■ INPUT MATERIAL
# # # #

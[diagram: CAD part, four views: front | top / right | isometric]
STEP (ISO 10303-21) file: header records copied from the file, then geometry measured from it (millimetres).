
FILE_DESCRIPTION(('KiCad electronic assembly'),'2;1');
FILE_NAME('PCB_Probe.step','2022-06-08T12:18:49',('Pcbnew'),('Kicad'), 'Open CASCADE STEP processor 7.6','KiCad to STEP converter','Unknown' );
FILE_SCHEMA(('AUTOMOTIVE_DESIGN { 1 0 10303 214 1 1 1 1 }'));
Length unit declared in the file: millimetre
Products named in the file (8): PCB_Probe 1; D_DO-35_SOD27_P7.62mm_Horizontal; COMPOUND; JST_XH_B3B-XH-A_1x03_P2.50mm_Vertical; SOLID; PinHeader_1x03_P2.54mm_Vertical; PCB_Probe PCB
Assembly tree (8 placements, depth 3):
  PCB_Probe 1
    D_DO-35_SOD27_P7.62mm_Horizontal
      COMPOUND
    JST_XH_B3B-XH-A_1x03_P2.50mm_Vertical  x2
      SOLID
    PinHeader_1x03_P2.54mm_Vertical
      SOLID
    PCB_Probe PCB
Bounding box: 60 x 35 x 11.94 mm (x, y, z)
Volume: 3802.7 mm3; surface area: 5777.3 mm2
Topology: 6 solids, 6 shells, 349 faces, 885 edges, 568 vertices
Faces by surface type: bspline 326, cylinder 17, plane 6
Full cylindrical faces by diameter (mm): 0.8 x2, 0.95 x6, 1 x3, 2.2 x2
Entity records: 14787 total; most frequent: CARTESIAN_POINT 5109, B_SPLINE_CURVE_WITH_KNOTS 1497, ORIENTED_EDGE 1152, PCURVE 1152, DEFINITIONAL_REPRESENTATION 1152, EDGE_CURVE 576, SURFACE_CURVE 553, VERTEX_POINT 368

# # # #

■ WHAT TO WORK ON
Take the entries above and repeat them. Alter nothing.

■ WRITTEN SOLUTION
[diagram: CAD part, four views: front | top / right | isometric]
STEP (ISO 10303-21) file: header records copied from the file, then geometry measured from it (millimetres).
FILE_DESCRIPTION(('KiCad electronic assembly'),'2;1');
FILE_NAME('PCB_Probe.step','2022-06-08T12:18:49',('Pcbnew'),('Kicad'), 'Open CASCADE STEP processor 7.6','KiCad to STEP converter','Unknown' );
FILE_SCHEMA(('AUTOMOTIVE_DESIGN { 1 0 10303 214 1 1 1 1 }'));
Length unit declared in the file: millimetre
Products named in the file (8): PCB_Probe 1; D_DO-35_SOD27_P7.62mm_Horizontal; COMPOUND; JST_XH_B3B-XH-A_1x03_P2.50mm_Vertical; SOLID; PinHeader_1x03_P2.54mm_Vertical; PCB_Probe PCB
Assembly tree (8 placements, depth 3):
  PCB_Probe 1
    D_DO-35_SOD27_P7.62mm_Horizontal
      COMPOUND
    JST_XH_B3B-XH-A_1x03_P2.50mm_Vertical  x2
      SOLID
    PinHeader_1x03_P2.54mm_Vertical
      SOLID
    PCB_Probe PCB
Bounding box: 60 x 35 x 11.94 mm (x, y, z)
Volume: 3802.7 mm3; surface area: 5777.3 mm2
Topology: 6 solids, 6 shells, 349 faces, 885 edges, 568 vertices
Faces by surface type: bspline 326, cylinder 17, plane 6
Full cylindrical faces by diameter (mm): 0.8 x2, 0.95 x6, 1 x3, 2.2 x2
Entity records: 14787 total; most frequent: CARTESIAN_POINT 5109, B_SPLINE_CURVE_WITH_KNOTS 1497, ORIENTED_EDGE 1152, PCURVE 1152, DEFINITIONAL_REPRESENTATION 1152, EDGE_CURVE 576, SURFACE_CURVE 553, VERTEX_POINT 368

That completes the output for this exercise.